Cardy has repeatedly disparaged opponents of the Bill, saying, for instance, that they “subscribe to a vague, weird Trumpian ideal of how the world works,” and that they have “nothing but conspiracies and medieval fantasies to base their arguments on.”
However discussion with the protesters outside the Legislative Assembly in Fredericton revealed that their political views defy easy left/right categorization. Some express conservative views on race and gender, and one used the word “socialism” as a pejorative; but at the same time an anti-capitalist, anti-corporation critique is present, as is a strong environmental sensibility among some of the protesters.
Liz Kramer, who is the mother of a ten year old, said it was during her pregnancy that she began having doubts about vaccines: “I am over 40, so I was thinking that vaccines were a normal part of life-saving medical care, but when I started reading about this hepatitis B vaccine while I was pregnant, and I was going to be expected to give my newborn not one but three shots before six months for a disease that there was no risk of contracting, I started to really question.”
According to federal government estimates, only 1.3% of children in the Atlantic provinces have no history of vaccination by two years of age, while the national figure is 2.3%. Minister Cardy has said that 1.6% of the province’s school population has a vaccine exemption, but he doesn’t know what proportion of that is medical and what is parental.
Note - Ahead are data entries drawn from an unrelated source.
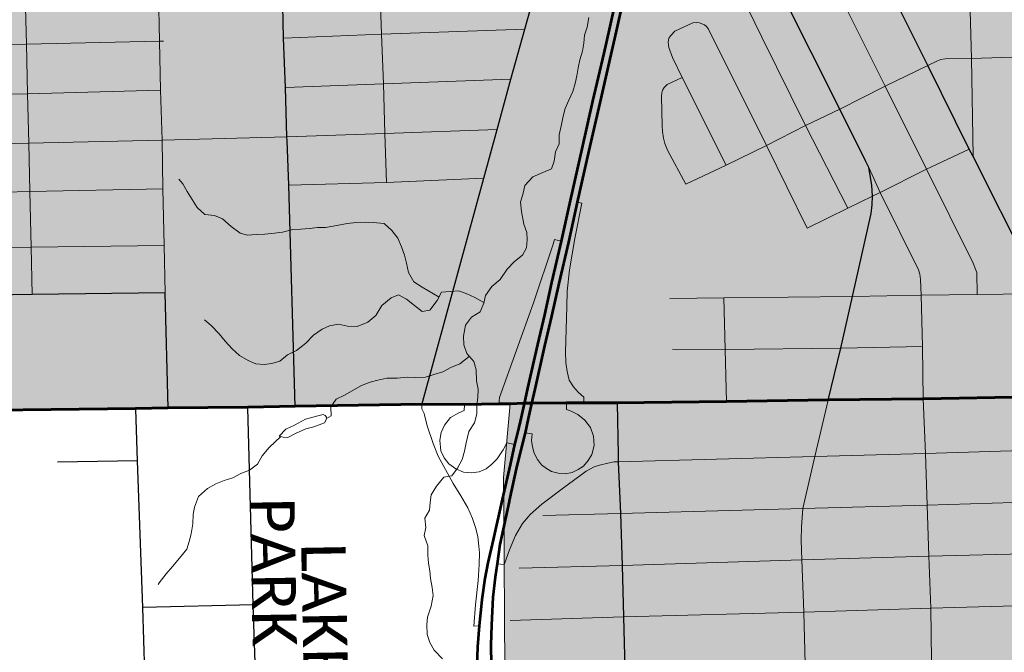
# Model space of a CAD drawing. Header units: feet. Extents: x 14.58 to 21.38, y 7.74 to 14.55.
# Tile 35 of 73: x 18.16 to 19.42, y 11.38 to 12.19. Entities that reach past the tile are written whole.
import ezdxf

# ---------------------------------------------------------------- set-up
doc = ezdxf.new("R2010")
doc.units = ezdxf.units.FT
doc.header["$LTSCALE"] = 20
doc.header["$MEASUREMENT"] = 0
doc.linetypes.add('rr2', pattern=[0])
for name, color, linetype, lineweight in [('Default', 7, 'Continuous', 0), ('GM_X_City_Street', 7, 'Continuous', 0), ('GM_X_County_Road', 3, 'Continuous', 30), ('GM_X_County_Road_Text', 3, 'Continuous', 0), ('GM_X_Interchange_Ramps', 1, 'Continuous', 13), ('GM_X_Interstate_Route', 1, 'Continuous', 53), ('GM_X_Minor_Lake', 5, 'Continuous', 0), ('GM_X_Minor_River', 5, 'Continuous', 0), ('GM_X_State_Route', 1, 'Continuous', 30)]:
    doc.layers.add(name, color=color, linetype=linetype, lineweight=lineweight)
doc.layers.add('GM_X_Township_Road', color=252, linetype='Continuous', lineweight=30, true_color=0x696969)
doc.styles.add('Slanted Normal (0.14) Font 31', font='dgn031.shx', dxfattribs={"height": 0.14})

msp = doc.modelspace()

# ---------------------------------------------------------------- hatches: boundary and pattern name
at = {"layer": 'Default', "linetype": 'rr2', "true_color": 0x009696}
msp.add_hatch(color=134, dxfattribs=at).paths.add_polyline_path([(21.377, 13.8019), (21.377, 14.5517), (14.577, 14.5517), (14.577, 11.6516), (14.7683, 11.6525), (14.7686, 11.5815), (14.9622, 11.6271), (15.016, 11.6537), (15.0759, 11.6571), (15.1631, 11.6571), (15.228, 11.6587), (15.2957, 11.6607), (15.5411, 11.6624), (15.6409, 11.6621), (15.7066, 11.6631), (15.7675, 11.6637), (15.8273, 11.6637), (15.8924, 11.6648), (15.9611, 11.6653), (16.0276, 11.6662), (16.0951, 11.6669), (16.1933, 11.6679), (16.3642, 11.6671), (16.4669, 11.6701), (16.587, 11.6699), (16.6648, 11.6699), (16.8088, 11.6714), (16.9418, 11.6731), (17.0018, 11.6745), (17.0537, 11.6758), (17.0186, 11.569), (17.0113, 11.5478), (17.0088, 11.5405), (17.0064, 11.5268), (17.0054, 11.5109), (17.0094, 11.3923), (17.0108, 11.3288), (17.0112, 11.2645), (17.0121, 11.2122), (17.0123, 11.1995), (17.0121, 11.1606), (17.2705, 11.1654), (17.2864, 11.1657), (17.5359, 11.1704), (17.6936, 11.1746), (17.7764, 11.1764), (17.8255, 11.1772), (17.8072, 11.6812), (17.874, 11.683), (17.9338, 11.6838), (17.9936, 11.6845), (17.9934, 11.6801), (18.016, 11.6808), (18.0157, 11.6847), (18.3046, 11.6879), (18.346, 11.6888), (18.4482, 11.6896), (18.509, 11.691), (18.6711, 11.6934), (18.7256, 11.6933), (18.7699, 11.694), (18.7845, 11.6941), (18.7759, 11.5995), (18.7766, 11.5115), (18.7772, 11.4041), (18.7784, 11.3078), (18.7778, 11.181), (18.7761, 11.148), (18.7821, 11.0138), (18.7834, 10.9515), (18.7949, 10.9519), (19.0257, 10.9595), (19.1745, 10.9628), (19.3357, 10.9676), (19.4071, 10.9697), (19.4748, 10.9714), (19.473, 11.0233), (19.4724, 11.0404), (19.4701, 11.1052), (19.4685, 11.156), (19.4663, 11.2375), (19.4641, 11.3038), (19.463, 11.3702), (19.4617, 11.4366), (19.4592, 11.5029), (19.4574, 11.5608), (19.4571, 11.5689), (19.4539, 11.6353), (19.4516, 11.7028), (19.504, 11.7041), (19.557, 11.7054), (19.63, 11.7073), (19.6819, 11.7087), (19.706, 11.7095), (19.7529, 11.7109), (19.8828, 11.7144), (19.9533, 11.7168), (20.0225, 11.7188), (20.0439, 11.7195), (20.0424, 11.7687), (20.1936, 11.9355), (20.2196, 11.9699), (20.0198, 12.1907), (20.0233, 12.2056), (19.9606, 12.2795), (19.9263, 12.283), (19.8586, 12.3803), (19.8658, 12.4151), (19.9044, 12.3968), (19.9405, 12.5299), (19.9334, 12.6213), (19.921, 12.6853), (19.9093, 12.7336), (19.889, 12.775), (19.8313, 12.8295), (19.788, 12.8658), (19.7431, 12.8929), (19.7133, 12.9017), (19.6825, 12.909), (19.6632, 12.9089), (19.6341, 12.9048), (19.5694, 12.8805), (19.5058, 12.8449), (19.498, 12.8219), (19.4935, 12.8062), (19.4878, 12.7878), (19.4722, 12.7734), (19.4603, 12.7637), (19.446, 12.7607), (19.4264, 12.7606), (19.4182, 13.1892), (19.4207, 13.2396), (19.4404, 13.2247), (19.4663, 13.2049), (19.5665, 13.3596), (19.5359, 13.3758), (19.4767, 13.4141), (19.5302, 13.4966), (19.5715, 13.5672), (19.57, 13.6081), (19.4087, 13.6017), (19.4108, 13.6101), (19.4096, 13.6226), (19.4098, 13.6631), (19.4094, 13.6772), (19.4049, 13.7141), (19.3988, 13.8271), (19.5676, 13.8073), (19.5925, 13.8005), (19.6309, 13.7922), (19.7406, 13.7766), (19.8815, 13.7555), (20.0167, 13.7623), (20.0913, 13.766), (20.2907, 13.7712), (20.4811, 13.7761), (20.9045, 13.7812), (20.9042, 13.7896)])

# ---------------------------------------------------------------- linework, layer by layer
at = {"layer": 'Default', "flags": 128}
msp.add_lwpolyline([(18.0157, 11.6847), (18.3046, 11.6879), (18.346, 11.6888), (18.4482, 11.6896), (18.509, 11.691), (18.6711, 11.6934), (18.7256, 11.6933), (18.7699, 11.694), (18.7845, 11.6941), (18.7759, 11.5995), (18.7766, 11.5115), (18.7772, 11.4041), (18.7784, 11.3078), (18.7778, 11.181), (18.7761, 11.148), (18.7821, 11.0138), (18.7834, 10.9515), (18.7949, 10.9519), (19.0257, 10.9595), (19.1745, 10.9628), (19.3357, 10.9676), (19.4071, 10.9697), (19.4748, 10.9714)], dxfattribs=at)
at = {"layer": 'GM_X_City_Street', "flags": 128}
for points in [[(18.3425, 11.8364), (18.3414, 11.897), (18.3396, 11.9696), (18.3388, 12.0319), (18.3367, 12.0958), (18.3354, 12.1587), (18.3338, 12.2213), (18.3325, 12.279), (18.3309, 12.3452), (18.3288, 12.411), (18.327, 12.4748), (18.3258, 12.5391), (18.3255, 12.5482), (18.3215, 12.6878), (18.3196, 12.7551), (18.3179, 12.8187), (18.3163, 12.8875), (18.3146, 12.9508), (18.3059, 13.0128)], [(18.172, 11.8341), (18.1709, 11.8949), (18.1692, 11.9659), (18.1677, 12.0278), (18.166, 12.0913), (18.1647, 12.1549), (18.1633, 12.2177), (18.1619, 12.2752), (18.1605, 12.3418), (18.1588, 12.4072), (18.1574, 12.4706), (18.1557, 12.5204), (18.1554, 12.5742), (18.1556, 12.629), (18.1546, 12.6845), (18.1545, 12.7511), (18.1529, 12.815), (18.1523, 12.8836)], [(18.6259, 11.9777), (18.6241, 12.0403), (18.6221, 12.104), (18.6195, 12.1676), (18.6176, 12.2297), (18.6147, 12.2914), (18.6128, 12.3526), (18.6107, 12.4195), (18.6067, 12.5387)], [(19.3825, 11.8342), (19.3823, 11.8625), (19.3807, 11.8667), (19.3775, 11.8742), (19.3178, 11.9945), (19.2647, 12.101), (19.2084, 12.2143), (19.1901, 12.2508), (19.1881, 12.2569), (19.1867, 12.2644), (19.1869, 12.2709), (19.1878, 12.2775), (19.1896, 12.2818), (19.1922, 12.2858), (19.1968, 12.2904), (19.2297, 12.3069)], [(19.2172, 11.9446), (19.1629, 12.0507), (19.1067, 12.1638), (19.0441, 12.2928)], [(19.3775, 12.011), (19.3754, 12.1365), (19.3735, 12.1975), (19.3733, 12.2057), (19.3724, 12.2123), (19.3706, 12.2175), (19.3645, 12.2328), (19.36, 12.2417), (19.3554, 12.2491), (19.3514, 12.2541), (19.3449, 12.2604), (19.3388, 12.2647), (19.332, 12.2688), (19.3256, 12.2723), (19.3179, 12.2755), (19.312, 12.2774), (19.3019, 12.2795), (19.2365, 12.2925)], [(18.4942, 12.1627), (18.6195, 12.1676), (18.8032, 12.174)], [(19.0613, 11.9997), (19.0049, 12.1123), (18.9925, 12.1377), (18.9875, 12.1506), (18.9868, 12.1576), (18.9879, 12.1624), (18.9904, 12.1661), (18.9952, 12.1714), (19.0183, 12.182), (19.0225, 12.1825), (19.027, 12.1821), (19.03, 12.1811)], [(19.1648, 11.9192), (19.1129, 12.0252), (19.0383, 12.1742), (19.0359, 12.1776), (19.0336, 12.1795), (19.03, 12.1811)], [(17.8619, 12.1487), (18.0335, 12.1521), (18.1647, 12.1549), (18.3354, 12.1587), (18.3403, 12.1588)], [(19.0096, 11.9754), (19.0613, 11.9997), (19.1129, 12.0252), (19.1629, 12.0507), (19.2068, 12.0717), (19.2647, 12.101), (19.3196, 12.1275), (19.332, 12.1336), (19.3363, 12.135), (19.3417, 12.136), (19.3754, 12.1365), (19.4404, 12.1384)], [(18.4965, 12.0995), (18.6221, 12.104), (18.7852, 12.1102)], [(19.0096, 11.9754), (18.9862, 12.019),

He says vaccines don’t work in 3% of cases, so about 5% of the school population is unprotected.
The proportion of a population that needs to be immune in order for “herd immunity” to exist — in other words, for the reproduction rate of the disease to be less than 1 so that it decays exponentially and disappears — varies from one disease to another. For example, measles and pertussis are highly contagious and therefore require 92-95% of the population to be immune before they die out. But for many other diseases the herd immunity threshold is lower, ranging from 83-86% for diphtheria and rubella, down to 33-44% for influenza.
Controversy over mandatory vaccination is almost as old as vaccination itself. According to a recent, pro-vaccination paper by Alvin Nelson El Amin and others in Public Health Review, the first compulsory vaccination laws, or “mandates”, were passed in Italy in 1806, France in 1810, and Sweden in 1816. They precipitated vigorous ethical debate, and considerable opposition among parents of the targeted children.
In the United Kingdom, the history begins with a compulsory smallpox vaccination law in 1853, to which fines for noncompliance were added during the subsequent two decades. Steadily increasing opposition led to a Royal Commission in 1889, which seven years later decided that a “conscientious objection” should be permitted for parents opposed to vaccination of their children.
The compulsory vaccination law was repealed entirely in 1946 and, according to the El Amin paper, mandates have not been used in the UK since.
In New Brunswick, the question of mandatory vaccination will come up again in a different context, and also across the country and around the world, when the COVID-19 vaccine is developed. Already experts are saying that in Canada, the COVID-19 vaccine is unlikely to be mandatory, as doing so creates a host of complex problems.
Norm Knight is a reporter with the NB Media Co-op.